L’émission initiale de 2023 avait permis au Cameroun de lever 176 milliards de FCFA, dépassant largement l’objectif initial de 150 milliards. Ce résultat marque la septième émission obligataire réussie par le pays sur le marché financier intégré de la sous-région et constitue la première opération à tranches multiples jamais expérimentée en Afrique centrale. Cette formule visait à diversifier les profils d’investisseurs en proposant des maturités variées, adaptées aux préférences de risque et aux besoins de liquidité des souscripteurs.

Malgré un contexte économique défavorable, marqué par une politique monétaire restrictive de la BEAC pour contenir l’inflation, cette opération a démontré sa résilience. En segmentant son offre, le Cameroun a offert aux investisseurs un choix entre des placements courts à rendement modéré et des engagements longs assortis de coupons plus attractifs. Le succès de la souscription a confirmé la pertinence de cette approche innovante.

Un enjeu de crédibilité pour les finances camerounaises

Pour les autorités camerounaises, le respect strict des échéances de remboursement revêt une importance stratégique. Il envoie un signal fort aux investisseurs régionaux, dont les décisions influencent directement les futures levées de fonds. Dans un contexte où les États de la CEMAC se tournent de plus en plus vers le marché obligataire pour financer leurs déficits et leurs projets d’investissement public, l’accès aux ressources s’est complexifié. Chaque paiement effectué à temps renforce la confiance dans la signature souveraine du Cameroun et élargit les marges de manœuvre pour les prochaines émissions.

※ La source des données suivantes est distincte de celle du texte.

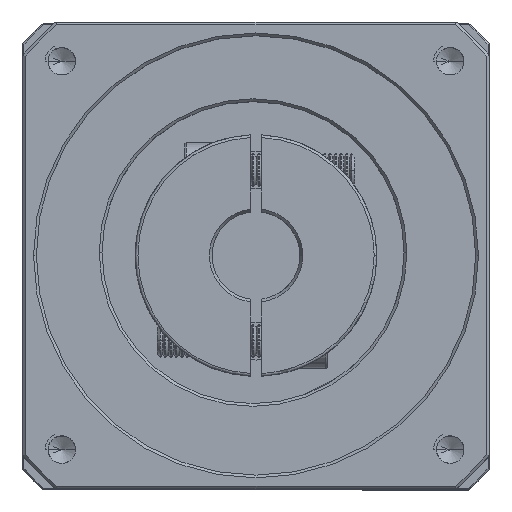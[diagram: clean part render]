
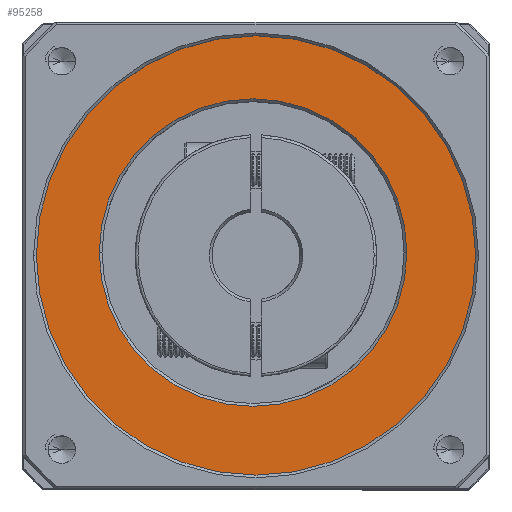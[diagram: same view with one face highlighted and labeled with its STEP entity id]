
A CAD part, top view. The second image highlights one B-rep face of the part: STEP entity #95258.
In plain terms, the highlighted planar face has unit normal (0, 0, 1).
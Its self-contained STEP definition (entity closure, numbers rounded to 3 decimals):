
#3041 = VERTEX_POINT ( 'NONE', #24264 ) ;
#3793 = VERTEX_POINT ( 'NONE', #57342 ) ;
#9474 = ORIENTED_EDGE ( 'NONE', *, *, #14335, .T. ) ;
#10320 = CIRCLE ( 'NONE', #106353, 40. ) ;
#12634 = FACE_OUTER_BOUND ( 'NONE', #103997, .T. ) ;
#14335 = EDGE_CURVE ( 'NONE', #3793, #3041, #91674, .T. ) ;
#15208 = FACE_BOUND ( 'NONE', #40495, .T. ) ;
#20258 = DIRECTION ( 'NONE',  ( 0., 0., -1. ) ) ;
#21338 = EDGE_CURVE ( 'NONE', #3041, #3793, #58758, .T. ) ;
#21378 = CIRCLE ( 'NONE', #29453, 40. ) ;
#21749 = EDGE_CURVE ( 'NONE', #49752, #71347, #21378, .T. ) ;
#24264 = CARTESIAN_POINT ( 'NONE',  ( -128.694, 29.168, 30.066 ) ) ;
#26258 = CARTESIAN_POINT ( 'NONE',  ( -100.153, 28.633, 30.066 ) ) ;
#29453 = AXIS2_PLACEMENT_3D ( 'NONE', #96754, #47449, #104969 ) ;
#31235 = DIRECTION ( 'NONE',  ( 0., 0., -1. ) ) ;
#34582 = DIRECTION ( 'NONE',  ( 1., 0., 0. ) ) ;
#34896 = DIRECTION ( 'NONE',  ( 0., 0., 1. ) ) ;
#36687 = ORIENTED_EDGE ( 'NONE', *, *, #21338, .T. ) ;
#38025 = AXIS2_PLACEMENT_3D ( 'NONE', #69623, #20258, #77893 ) ;
#40495 = EDGE_LOOP ( 'NONE', ( #9474, #36687 ) ) ;
#47449 = DIRECTION ( 'NONE',  ( 0., 0., 1. ) ) ;
#49359 = EDGE_CURVE ( 'NONE', #71347, #49752, #10320, .T. ) ;
#49752 = VERTEX_POINT ( 'NONE', #74095 ) ;
#51450 = ORIENTED_EDGE ( 'NONE', *, *, #21749, .T. ) ;
#57342 = CARTESIAN_POINT ( 'NONE',  ( -72.694, 29.168, 30.066 ) ) ;
#58758 = CIRCLE ( 'NONE', #85326, 28. ) ;
#69623 = CARTESIAN_POINT ( 'NONE',  ( -100.694, 29.168, 30.066 ) ) ;
#70697 = AXIS2_PLACEMENT_3D ( 'NONE', #26258, #83928, #34582 ) ;
#71347 = VERTEX_POINT ( 'NONE', #97823 ) ;
#74095 = CARTESIAN_POINT ( 'NONE',  ( -140.153, 28.633, 30.066 ) ) ;
#77893 = DIRECTION ( 'NONE',  ( 1., 0., 0. ) ) ;
#80552 = CARTESIAN_POINT ( 'NONE',  ( -100.694, 29.168, 30.066 ) ) ;
#83561 = PLANE ( 'NONE',  #70697 ) ;
#83928 = DIRECTION ( 'NONE',  ( 0., 0., 1. ) ) ;
#84255 = CARTESIAN_POINT ( 'NONE',  ( -100.153, 28.633, 30.066 ) ) ;
#85326 = AXIS2_PLACEMENT_3D ( 'NONE', #80552, #31235, #88832 ) ;
#88832 = DIRECTION ( 'NONE',  ( 1., 0., 0. ) ) ;
#91674 = CIRCLE ( 'NONE', #38025, 28. ) ;
#92481 = DIRECTION ( 'NONE',  ( 1., 0., 0. ) ) ;
#95258 = ADVANCED_FACE ( 'NONE', ( #12634, #15208 ), #83561, .T. ) ;
#96754 = CARTESIAN_POINT ( 'NONE',  ( -100.153, 28.633, 30.066 ) ) ;
#97823 = CARTESIAN_POINT ( 'NONE',  ( -60.153, 28.633, 30.066 ) ) ;
#103317 = ORIENTED_EDGE ( 'NONE', *, *, #49359, .T. ) ;
#103997 = EDGE_LOOP ( 'NONE', ( #103317, #51450 ) ) ;
#104969 = DIRECTION ( 'NONE',  ( 1., 0., 0. ) ) ;
#106353 = AXIS2_PLACEMENT_3D ( 'NONE', #84255, #34896, #92481 ) ;

Cette échéance met également en lumière l’importance croissante du service de la dette intérieure dans la gestion budgétaire du pays. Bien que cette solution offre une alternative aux financements externes, son coût reste étroitement lié aux conditions monétaires de la BEAC et à la perception du risque souverain par les investisseurs locaux. La régularité des paiements conditionne ainsi la capacité du Cameroun à mobiliser des fonds supplémentaires sur le marché régional.

L’équilibre entre les besoins de financement et la soutenabilité de la charge d’intérêts restera un défi clé pour les prochains exercices budgétaires. Cette opération confirme par ailleurs le rôle central joué par la BVMAC dans le financement des États de la sous-région.